Here you can see a made a larger kerfed piece. This piece is bent to follow the contour of the door trim, and follows a similar line as the stock dash. You can see the kerf was not perfect. There are some areas that have cracked instead of being bent. It is still solid though and those flaws won't matter much in the final box.










A look from the inside of the kerfed area. Notice the back piece, that follows the firewall crossmember, that I made earlier. That has just been set in there temporarily and is not glued in at this point. The curved rib with the red clamp on it is just to hold the kerf to its proper shape. That curved rib will be cut out of the box towards the final stages to make lay up of the fiberglass much easier.


----------



## Orion525iT (Mar 6, 2011)

Now things start to get a bit tricky. Because of the nature of this build, it is nearly impossible to get the cuts perfect. I can get close, but I am often not dead on. The only tools I have at my disposal are a circular saw and a jigsaw. No table saw or band saw. So, in some cases I have voids that need to be filled. I  have used MDF flour and wood glue to make a filler. After the box is assembled, however, the remaining voids will be filled with quality body filler. I found that the best technique with the MDF flour/wood glue filler was to first place fresh glue onto the areas to be joined. The glue will start to soak into the MDF a bit. Then quickly prepare the MDF flour/wood glue filler. The glue dries quickly, especially in warm weather under the sun, so you have to work fast!
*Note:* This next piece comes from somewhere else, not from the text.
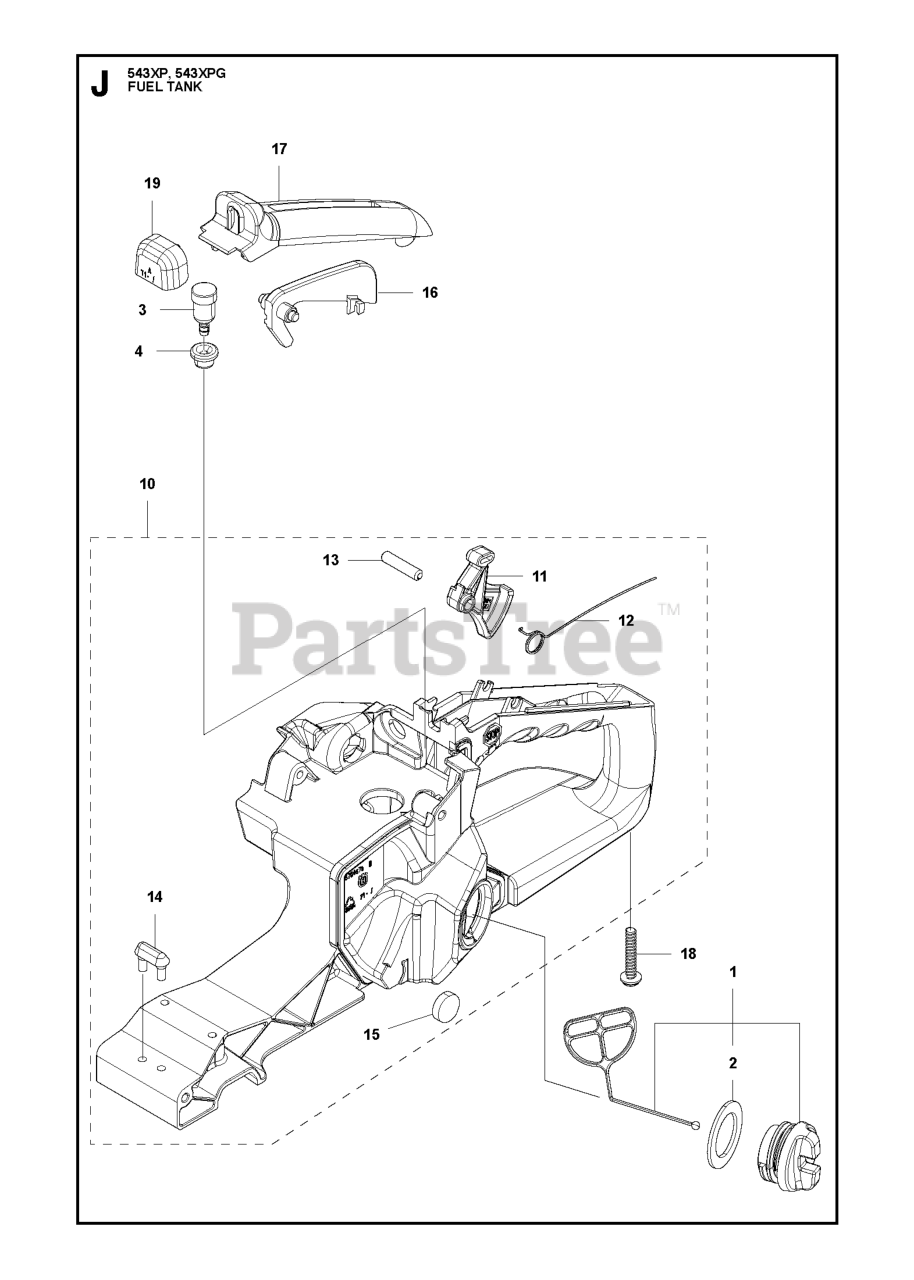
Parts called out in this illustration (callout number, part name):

Laying the fresh glue in the areas to be joined.










Making the filler










Applying the MDF/glue filler.










Several tense minutes later I got the piece into the proper position.


----------



## Orion525iT (Mar 6, 2011)

Once the glue set up a bit I moved to another section.










A piece of MDF is glued and clamped to the top of the vent area.










This were things get a bit more complicated. The top section of the firewall crossmember is not a simple bend, it is a compound curve that needs to be followed. No amount of fancy kerfing would work here. I experimented with steam bending underlayment ply that I could then laminate together with glue. It worked somewhat, but I still could not get the compound curve I wanted. So, I decided to cut multiple hockey stick shaped pieces, stack them in a staggered, stair step type fashion to form the compound curve. This will then be sanded down to a uniform level.


----------



## Orion525iT (Mar 6, 2011)

Start of work on the drivers side.










Got the drivers side kerfed section positioned. Type Rs doing work as counter weights. 










After a very long time positioning, checking, measuring, repositioning I cut a piece of MDF to join the larger box section to the drivers side kerfed piece. This was actually a very long process of tweaking to get everything lined up properly.










Just a pic of the back side of the box.


----------



## Orion525iT (Mar 6, 2011)

Starting the cluster area.










Spent quite a long time positioning the cluster to the proper height and angle. Once positioned, I cut a piece of cardboard to use as a template for the MDF.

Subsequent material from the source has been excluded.